How not to optimize your code

“Premature optimization is the root of all evil (or at least most of it) in programming.” - Donald Knuth

It can be very tempting to sacrifice readability for the sake of efficiency. Writing code that runs fast is important, especially when doing heavy calculations. However, you should never be too eager to optimize your code particularly when doing so would sacrifice the quality and readability of your code.
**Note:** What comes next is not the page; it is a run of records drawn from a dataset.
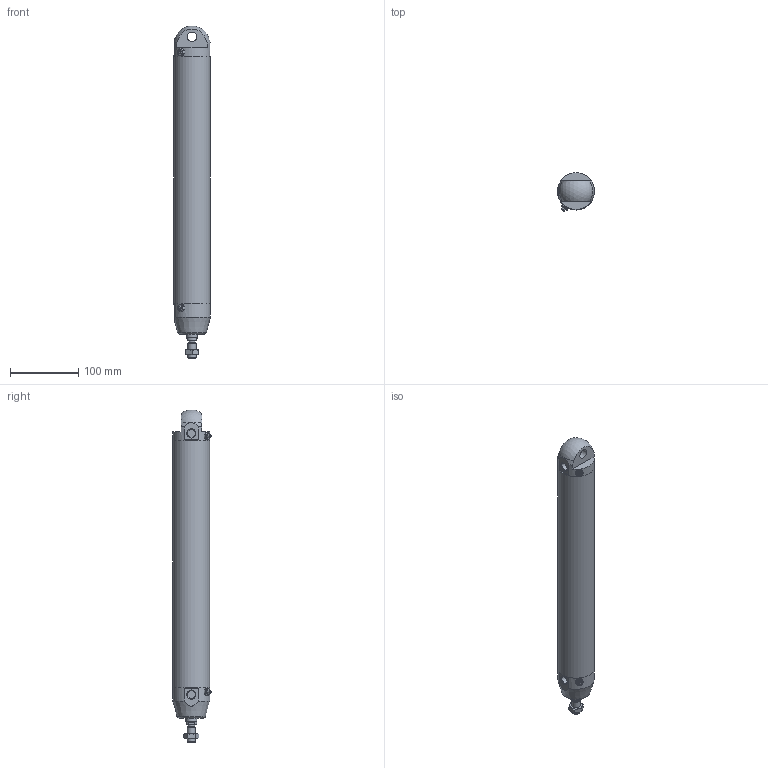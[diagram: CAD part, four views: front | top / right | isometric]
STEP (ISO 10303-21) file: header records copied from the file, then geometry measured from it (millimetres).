
FILE_DESCRIPTION(/* description */ (''),/* implementation_level */ '2;1');
FILE_NAME(/* name */ 'I:\Area Tecnica\Documenti\A-Manieri\_Inventor\12X\12X#A_###_####_#_#\12XBA_050_0320_#_#.stp',/* time_stamp */ '2015-04-24T09:19:09+02:00',/* author */ ('maniean1'),/* organization */ ('Pneumax S.p.A.'),/* preprocessor_version */ 'ST-DEVELOPER v15.2',/* originating_system */ 'Autodesk Inventor 2014',/* authorisation */ '');
FILE_SCHEMA (('AUTOMOTIVE_DESIGN { 1 0 10303 214 3 1 1 }'));
Length unit declared in the file: millimetre
Products named in the file (6): C1250_619-0320; 12X50_614; 12X50_607; S12X50_0320; 12X_50_11; 12XBA_050_0320_#_#
Bounding box: 54 x 55.88 x 486.83 mm (x, y, z)
Volume: 423750.3 mm3; surface area: 174635.8 mm2
Topology: 5 solids, 5 shells, 77 faces, 168 edges, 109 vertices
Faces by surface type: plane 43, cylinder 18, cone 12, torus 3, sphere 1
Full cylindrical faces by diameter (mm): 5 x2, 10.2 x1, 11 x2, 11.4 x2, 12 x2, 14 x2, 15.6 x1, 16 x1, 50 x2, 54 x3
Entity records: 2072 total; most frequent: CARTESIAN_POINT 428, DIRECTION 346, ORIENTED_EDGE 260, AXIS2_PLACEMENT_3D 152, EDGE_CURVE 130, EDGE_LOOP 122, VERTEX_POINT 100, ADVANCED_FACE 77
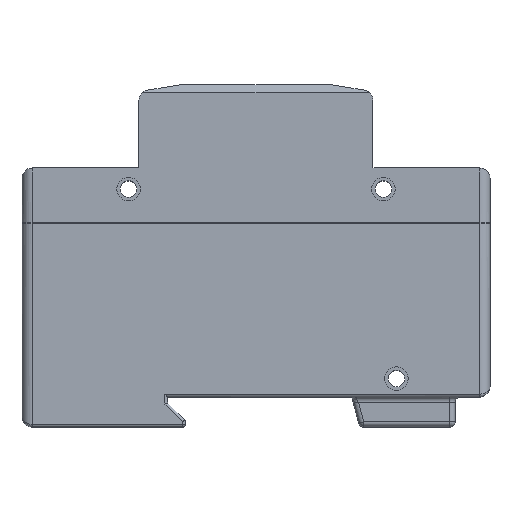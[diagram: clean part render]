
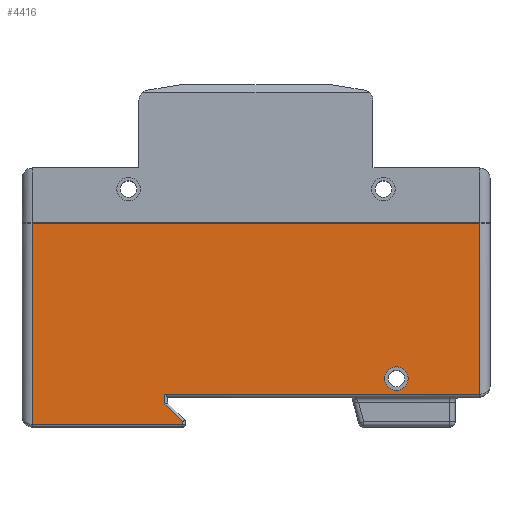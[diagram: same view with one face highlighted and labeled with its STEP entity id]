
A CAD part, top view. The second image highlights one B-rep face of the part: STEP entity #4416.
In plain terms, the highlighted planar face has unit normal (0, 0, 1).
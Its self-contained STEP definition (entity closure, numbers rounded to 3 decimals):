
#141=CIRCLE('',#4762,2.25);
#142=CIRCLE('',#4763,2.25);
#319=FACE_BOUND('',#673,.T.);
#410=FACE_OUTER_BOUND('',#672,.T.);
#672=EDGE_LOOP('',(#3282,#3283,#3284,#3285,#3286,#3287,#3288,#3289));
#673=EDGE_LOOP('',(#3290,#3291));
#1032=LINE('',#6740,#1493);
#1102=LINE('',#6903,#1563);
#1108=LINE('',#6918,#1569);
#1109=LINE('',#6920,#1570);
#1110=LINE('',#6922,#1571);
#1111=LINE('',#6924,#1572);
#1112=LINE('',#6926,#1573);
#1113=LINE('',#6927,#1574);
#1493=VECTOR('',#5371,10.);
#1563=VECTOR('',#5501,10.);
#1569=VECTOR('',#5515,10.);
#1570=VECTOR('',#5516,10.);
#1571=VECTOR('',#5517,10.);
#1572=VECTOR('',#5518,10.);
#1573=VECTOR('',#5519,10.);
#1574=VECTOR('',#5520,10.);
#1918=VERTEX_POINT('',#6737);
#1919=VERTEX_POINT('',#6739);
#1982=VERTEX_POINT('',#6901);
#1987=VERTEX_POINT('',#6917);
#1988=VERTEX_POINT('',#6919);
#1989=VERTEX_POINT('',#6921);
#1990=VERTEX_POINT('',#6923);
#1991=VERTEX_POINT('',#6925);
#1992=VERTEX_POINT('',#6928);
#1993=VERTEX_POINT('',#6929);
#2384=EDGE_CURVE('',#1919,#1918,#1032,.T.);
#2467=EDGE_CURVE('',#1982,#1918,#1102,.T.);
#2474=EDGE_CURVE('',#1987,#1982,#1108,.T.);
#2475=EDGE_CURVE('',#1988,#1987,#1109,.T.);
#2476=EDGE_CURVE('',#1989,#1988,#1110,.T.);
#2477=EDGE_CURVE('',#1990,#1989,#1111,.T.);
#2478=EDGE_CURVE('',#1991,#1990,#1112,.T.);
#2479=EDGE_CURVE('',#1919,#1991,#1113,.T.);
#2480=EDGE_CURVE('',#1992,#1993,#141,.T.);
#2481=EDGE_CURVE('',#1993,#1992,#142,.T.);
#3282=ORIENTED_EDGE('',*,*,#2384,.T.);
#3283=ORIENTED_EDGE('',*,*,#2467,.F.);
#3284=ORIENTED_EDGE('',*,*,#2474,.F.);
#3285=ORIENTED_EDGE('',*,*,#2475,.F.);
#3286=ORIENTED_EDGE('',*,*,#2476,.F.);
#3287=ORIENTED_EDGE('',*,*,#2477,.F.);
#3288=ORIENTED_EDGE('',*,*,#2478,.F.);
#3289=ORIENTED_EDGE('',*,*,#2479,.F.);
#3290=ORIENTED_EDGE('',*,*,#2480,.T.);
#3291=ORIENTED_EDGE('',*,*,#2481,.T.);
#4238=PLANE('',#4761);
#4416=ADVANCED_FACE('',(#410,#319),#4238,.T.);
#4761=AXIS2_PLACEMENT_3D('',#6916,#5513,#5514);
#4762=AXIS2_PLACEMENT_3D('',#6930,#5521,#5522);
#4763=AXIS2_PLACEMENT_3D('',#6931,#5523,#5524);
#5371=DIRECTION('',(-1.,0.,0.));
#5501=DIRECTION('',(0.,1.,0.));
#5513=DIRECTION('center_axis',(0.,0.,1.));
#5514=DIRECTION('ref_axis',(1.,0.,0.));
#5515=DIRECTION('',(-1.,0.,0.));
#5516=DIRECTION('',(0.,-1.,0.));
#5517=DIRECTION('',(0.718,-0.696,0.));
#5518=DIRECTION('',(0.,-1.,0.));
#5519=DIRECTION('',(-1.,0.,0.));
#5520=DIRECTION('',(0.,-1.,0.));
#5521=DIRECTION('center_axis',(0.,0.,-1.));
#5522=DIRECTION('ref_axis',(1.,0.,0.));
#5523=DIRECTION('center_axis',(0.,0.,-1.));
#5524=DIRECTION('ref_axis',(1.,0.,0.));
#6737=CARTESIAN_POINT('',(-43.,3.4,35.2));
#6739=CARTESIAN_POINT('',(43.,3.4,35.2));
#6740=CARTESIAN_POINT('',(0.046,3.4,35.2));
#6901=CARTESIAN_POINT('',(-43.,-35.3,35.2));
#6903=CARTESIAN_POINT('',(-43.,4.121,35.2));
#6916=CARTESIAN_POINT('Origin',(-0.355,-5.758,35.2));
#6917=CARTESIAN_POINT('',(-14.1,-35.3,35.2));
#6918=CARTESIAN_POINT('',(-22.678,-35.3,35.2));
#6919=CARTESIAN_POINT('',(-14.1,-34.711,35.2));
#6920=CARTESIAN_POINT('',(-14.1,-20.779,35.2));
#6921=CARTESIAN_POINT('',(-17.5,-31.411,35.2));
#6922=CARTESIAN_POINT('',(-17.721,-31.197,35.2));
#6923=CARTESIAN_POINT('',(-17.5,-29.5,35.2));
#6924=CARTESIAN_POINT('',(-17.5,-18.479,35.2));
#6925=CARTESIAN_POINT('',(43.,-29.5,35.2));
#6926=CARTESIAN_POINT('',(18.972,-29.5,35.2));
#6927=CARTESIAN_POINT('',(43.,-17.879,35.2));
#6928=CARTESIAN_POINT('',(29.25,-26.5,35.2));
#6929=CARTESIAN_POINT('',(24.75,-26.5,35.2));
#6930=CARTESIAN_POINT('Origin',(27.,-26.5,35.2));
#6931=CARTESIAN_POINT('Origin',(27.,-26.5,35.2));

There are a number of reasons for this:

  1. Frequently, well-organized code will run faster than poorly organized code even if it doesn’t look that way.

  2. Unless your optimizations yield huge benefits, you may spend more time debugging your over-complicated code than you will actually spend waiting for it to run.

  3. Your compiler already has a code optimizer built in, and it’s probably better at it than you are.

  4. You probably don’t actually know what parts of your code are slowing it down. You may be optimizing in the wrong place.

When you’re just developing your program, you’re going to want to turn off optimizations and turn on debugging information. Doing so makes it much easier to find the bugs. However, when it comes time to let your thesis code run for a week, you can turn on compiler optimizations (the -O flag in GCC), and the compiler will restructure things to make it faster for you. Many times the optimizations you would make yourself, the compiler already does and you simply don’t know about it. Also, a good compiler may know things about the system it is building for that you don’t.

All that being said, If your code is running more slowly than you want, there are a number of things you can do. First, is to make sure you are using the appropriate data structures and algorithms. We will talk more about these towards the end of the class. Frequently, the biggest effect you have on the speed of your code is the data structures and algorithms you select. Another thing you can do is to use a profiler. A profiler is a tool that watches your program as it runs and records where it spends most of its time. This way you can optimize the parts of your code that are taking a significant amount of time and not waste time optimizing some bit that only actually consume a few milliseconds of running time. However, profiling should not be done until after most of the code is written and you can get a decent idea of what parts take the most time.